After a night in the quiet solitude of the campsite, we left early in the morning and drove further into the park, before hiking along the remaining section of the gorge between the middle and upper falls. The peak of autumn is clearly still some weeks away, but it was a pleasure hiking through such a beautiful area, with the leaves beginning to change colour, and the signs of autumn developing.




It is difficult to comprehend a country so covered in natural beauty, that a site as astounding as the canyon and falls at Letchworth are simply one of many small attractions that few but locals would spend time visiting. If the Letchworth falls were in England, they would undoubtedly be one of the most impressive sites in the country, but in America they are lost among the countless other sites.

After a morning spent at hiking in Letchworth, we took a scenic drive through increasingly beautiful terrain, ending up at Watkins Glen State Park in the late afternoon. When we arrived it was too late to hike along another of New York's beautiful river gorges, and so we settled in at the campsite and got a fire started. We spent the evening binging on sausages and steak, before introducing Jamie to the world of smoores. In the morning we left the campsite, and hiked the length of the small but beautiful gorge that forms Watkins Glen. The gorge is not as high as that at Letchworth, but the narrow moss covered walls, and the series of picture perfect cascades, give it an almost magical feel. It's the kind of place which would look perfectly at home in a Lord of the Rings film. The site's proximity to the popular tourist town of Ithaca, means that it gets busier than other parks nearby, but the steady stream of visitors does not detract from the beauty of the place.

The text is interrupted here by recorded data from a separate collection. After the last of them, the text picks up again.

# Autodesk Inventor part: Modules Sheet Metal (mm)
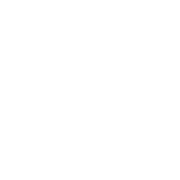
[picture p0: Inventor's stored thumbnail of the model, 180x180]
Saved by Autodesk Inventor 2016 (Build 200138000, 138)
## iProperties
Created: 2014-08
Part Number: Modules Sheet Metal (mm)
Material: Generic
Document SubType Name: Sheet Metal
Designer: Wally
Density: 1 g/cm^3
Sheet Metal Rule: Default
Appearance: Default
Author: Wally
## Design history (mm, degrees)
node "Sketch1"
other parameters: "Thickness" = 0.5, "BendRadius" = 0.5 (= Thickness), "BendReliefWidth" = 0.5 (= Thickness), "BendReliefDepth" = 0.25 (= 0.5 x Thickness), "CornerReliefSize" = 2 (= 4 x Thickness), "SeamGap" = 0.01, "MinimumRemnant" = 1 (= 2 x Thickness), "TransitionRadius" = 0.5 (= BendRadius), "JacobiRadiusSize" = 0.5 (= BendRadius), "GapSize" = 0.5 (= Thickness)
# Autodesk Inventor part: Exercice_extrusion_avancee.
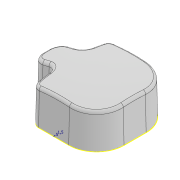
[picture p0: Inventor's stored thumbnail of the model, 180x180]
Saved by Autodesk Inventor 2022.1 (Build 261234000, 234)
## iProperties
Created: 2019-12
Part Number: Exercice_extrusion_avancee.
Material: Générique
Document SubType Name: Modeling
Designer: Fabian
Density: 1 g/cm^3
Appearance: Par défaut
Mass: 114.286 g
Surface Area: 775.892 cm^2
Volume: 114.286 cm^3
Author: Fabian
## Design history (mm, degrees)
sketch "Esquisse1"
  geometry: L1 (0, 70)-(0, -66.117); L2 (90, 0)-(-70, 0); L3 (90, 14.325)-(90, 0); L4 (-70, 45)-(-70, 0); L5 (44.578, 70)-(-45, 70); L6 (86.745, 24.649)-(60.961, 61.472); L7 (83, 0)-(83, 5); L8 (65, 23)-(55, 23); L9 (43, 35)-(43, 51); L10 (31, 63)-(-18, 63); L11 (-63, 18)-(-63, 0); L12 (-63, -18)-(-63, 0); L13 (0, -70)-(0, 66.117); L14 (-70, -45)-(-70, 0); L15 (31, -63)-(-18, -63); L16 (44.578, -70)-(-45, -70); L17 (43, -35)-(43, -51); L18 (90, -14.325)-(90, 0); L19 (86.745, -24.649)-(60.961, -61.472); L20 (83, 0)-(83, -5); L21 (65, -23)-(55, -23); C1 r 4 at (-60, 60); C2 r 6 at (55, 35); C3 r 4 at (-60, -60); C4 r 6 at (55, -35); A1 r 15 centre (-60, 60) between (-51, 72) and (-72, 51); A2 r 12 centre (55, 35) between (43, 35) and (55, 23); A3 r 12 centre (31, 51) between (43, 51) and (31, 63); A4 r 18 centre (72, 14.325) between (90, 14.325) and (86.745, 24.649); A5 r 20 centre (44.578, 50) between (60.961, 61.472) and (44.578, 70); A6 r 10 centre (-45, 80) between (-51, 72) and (-45, 70); A7 r 10 centre (-80, 45) between (-70, 45) and (-72, 51); A8 r 18 centre (65, 5) between (83, 5) and (65, 23); A9 r 45 centre (-18, 18) between (-18, 63) and (-63, 18); A10 r 45 centre (-18, -18) between (-63, -18) and (-18, -63); A11 r 12 centre (31, -51) between (31, -63) and (43, -51); A12 r 10 centre (-45, -80) between (-45, -70) and (-51, -72); A13 r 15 centre (-60, -60) between (-72, -51) and (-51, -72); A14 r 10 centre (-80, -45) between (-72, -51) and (-70, -45); A15 r 12 centre (55, -35) between (55, -23) and (43, -35); A16 r 20 centre (44.578, -50) between (44.578, -70) and (60.961, -61.472); A17 r 18 centre (65, -5) between (65, -23) and (83, -5); A18 r 18 centre (72, -14.325) between (86.745, -24.649) and (90, -14.325); 7 further points
  constraints: 44 end point, 40 point on circle, 32 symmetric about line, 22 centre point, 16 tangent, 14 point on line, 5 perpendicular, 4 coincident, 3 vertical, 2 horizontal, 11 other
  dimensions: "d2" = 70 distance between parallel lines of L4 L1; "d3" = 90 distance between parallel lines of L3 L1; "d5" = 30 diameter of A1; "d6" = 140 diameter of L5 L2; "d7" = 20 distance of point (90, 20) L2.start; "d8" = 35 deg angle of L3 L6; "d9" = 120 diameter of A1.centre L2; "d11" = 60 distance from line of A1.centre L1; "d12" = 8 diameter of C1; "d13" = 70 diameter of C2.centre L2; "d14" = 55 distance from line of C2.centre L1; "d15" = 12 diameter of C2; "d16" = 83 distance between parallel lines of L7 L1; "d17" = 63 distance between parallel lines of L11 L1; "d18" = 46 diameter of L8 L2 (derived); "d19" = 126 diameter of L10 L2; "d21" = 12 radius of A2; "d22" = 43 distance between parallel lines of L9 L1 (derived); "d23" = 12 radius of A3 (derived); "d24" = 18 radius of A4 (derived); "d25" = 20 radius of A5; "d26" = 10 radius of A6; "d27" = 10 radius of A7; "d28" = 18 radius of A8; "d29" = 45 radius of A9
extrude "Extrusion1" new body sketch "Esquisse1" distance "d30" = 65; taper "d31" = -1 deg
sketch "Esquisse2"
  geometry: L1 (-81.865, 65)-(61.865, 65); L2 (0, -455)-(0, 65); L3 (18, 65)-(-31, 65) reference; L4 (-55, 65)-(-65, 65) reference; A1 r 260 centre (0, -195) between (0, -455) and (0, 65); 1 further point
  constraints: 4 end point, 2 point on circle, 1 centre point, 1 collinear, 1 point on line, 1 tangent, 1 vertical, 1 vertical alignment
  dimensions: "d32" = 520 diameter of A1
revolve "Révolution1" sketch "Esquisse2" stored, may be unused: angle "d33" = 90 deg
fillet "Congé1" dims "d36" = 5
feature "Coque1" dims "d37" = 3
sketch "Esquisse3"
  geometry: L1 (-80, -5)-(-80, 5) reference; L2 (-65, 20)-(-55, 20) reference; L3 (-40, 35)-(-40, 51) reference; L4 (-31, 60)-(18, 60) reference; L5 (60, 18)-(60, -18) reference; L6 (18, -60)-(-31, -60) reference; L7 (-40, -51)-(-40, -35) reference; L8 (-55, -20)-(-65, -20) reference; L9 (-31, 63)-(18, 63) reference; L10 (-43, 35)-(-43, 51) reference; L11 (-65, 23)-(-55, 23) reference; L12 (-83, -5)-(-83, 5) reference; L13 (-55, -23)-(-65, -23) reference; L14 (-43, -51)-(-43, -35) reference; L15 (18, -63)-(-31, -63) reference; L16 (63, 18)-(63, -18) reference; L17 (18, 55)-(-31, 55); L18 (-35, 51)-(-35, 35); L19 (-55, 15)-(-65, 15); L20 (-75, 5)-(-75, -5); L21 (-65, -15)-(-55, -15); L22 (-35, -35)-(-35, -51); L23 (-31, -55)-(18, -55); L24 (55, -18)-(55, 18); L25 (-31, 56.5)-(18, 56.5); L26 (56.5, 18)-(56.5, -18); L27 (18, -56.5)-(-31, -56.5); L28 (-36.5, -51)-(-36.5, -35); L29 (-55, -16.5)-(-65, -16.5); L30 (-76.5, -5)-(-76.5, 5); L31 (-65, 16.5)-(-55, 16.5); L32 (-36.5, 35)-(-36.5, 51); A1 r 15 centre (-65, -5) between (-80, -5) and (-65, -20) reference; A2 r 15 centre (-65, 5) between (-65, 20) and (-80, 5) reference; A3 r 15 centre (-55, 35) between (-55, 20) and (-40, 35) reference; A4 r 9 centre (-31, 51) between (-31, 60) and (-40, 51) reference; A5 r 42 centre (18, 18) between (60, 18) and (18, 60) reference; A6 r 42 centre (18, -18) between (18, -60) and (60, -18) reference; A7 r 9 centre (-31, -51) between (-40, -51) and (-31, -60) reference; A8 r 15 centre (-55, -35) between (-40, -35) and (-55, -20) reference; A9 r 12 centre (-31, 51) between (-31, 63) and (-43, 51) reference; A10 r 12 centre (-55, 35) between (-55, 23) and (-43, 35) reference; A11 r 18 centre (-65, 5) between (-65, 23) and (-83, 5) reference; A12 r 18 centre (-65, -5) between (-83, -5) and (-65, -23) reference; A13 r 12 centre (-55, -35) between (-43, -35) and (-55, -23) reference; A14 r 12 centre (-31, -51) between (-43, -51) and (-31, -63) reference; A15 r 45 centre (18, -18) between (18, -63) and (63, -18) reference; A16 r 45 centre (18, 18) between (63, 18) and (18, 63) reference; A17 r 4 centre (-31, 51) between (-31, 55) and (-35, 51); A18 r 20 centre (-55, 35) between (-55, 15) and (-35, 35); A19 r 10 centre (-65, 5) between (-65, 15) and (-75, 5); A20 r 10 centre (-65, -5) between (-75, -5) and (-65, -15); A21 r 20 centre (-55, -35) between (-35, -35) and (-55, -15); A22 r 4 centre (-31, -51) between (-35, -51) and (-31, -55); A23 r 37 centre (18, -18) between (18, -55) and (55, -18); A24 r 37 centre (18, 18) between (55, 18) and (18, 55); A25 r 38.5 centre (18, 18) between (56.5, 18) and (18, 56.5); A26 r 38.5 centre (18, -18) between (18, -56.5) and (56.5, -18); A27 r 5.5 centre (-31, -51) between (-36.5, -51) and (-31, -56.5); A28 r 18.5 centre (-55, -35) between (-36.5, -35) and (-55, -16.5); A29 r 11.5 centre (-65, -5) between (-76.5, -5) and (-65, -16.5); A30 r 11.5 centre (-65, 5) between (-65, 16.5) and (-76.5, 5); A31 r 18.5 centre (-55, 35) between (-55, 16.5) and (-36.5, 35); A32 r 5.5 centre (-31, 51) between (-31, 56.5) and (-36.5, 51); 1 further point
  constraints: 32 end point, 32 point on circle, 16 centre point, 30 other
  dimensions: "d39" = 5 distance between parallel lines of L4 L17; "d40" = 1.5 distance between parallel lines of L17 L25
  node "Boucle projetée1"
node "Solide1"

Watkins Glen State Park is small enough to hike all of the trails in a half day, and so by lunch time we were ready to move on. We had decided to spend the evening in Ithaca, but we couldn't resist a stopover on the way at a cidery on Cayuga Lake. In America , there seems to be little history of cider making, and to most it is simply a drink for people who don't like beer. Cideries like the one we visited are doing there best to show people the variety and quality of craft ciders, but to convince the American public, their cider is geared towards a more refined palate than many traditional English ciders. All of the ciders that we tasted were excellent, but all were sweeter and more carbonated than what I would expect to be from a small manufacturer in rural England. The were no strong, flat, cloudy ciders made from windfall apples, but we still enjoyed their offerings enough to take two bottles away with us.

Towards the end of the day we drove into Ithaca, and spent the evening drinking and eating at a popular pub in the studenty downtown area. Ithaca's central area nice enough, but I was slightly disappointed that there wasn't more to do given its popularity as a tourist destination. Any disenchantment that I felt with the town however, was more than made up for by the burger that I had for dinner. My 'Fat Boy burger consisted of a beef burger and all of the normal fillings, inserted between two grilled cheese sandwiches; another good reason to love America.


The next morning we left Ithaca, headed for a few days of wilderness camping in the Catskills.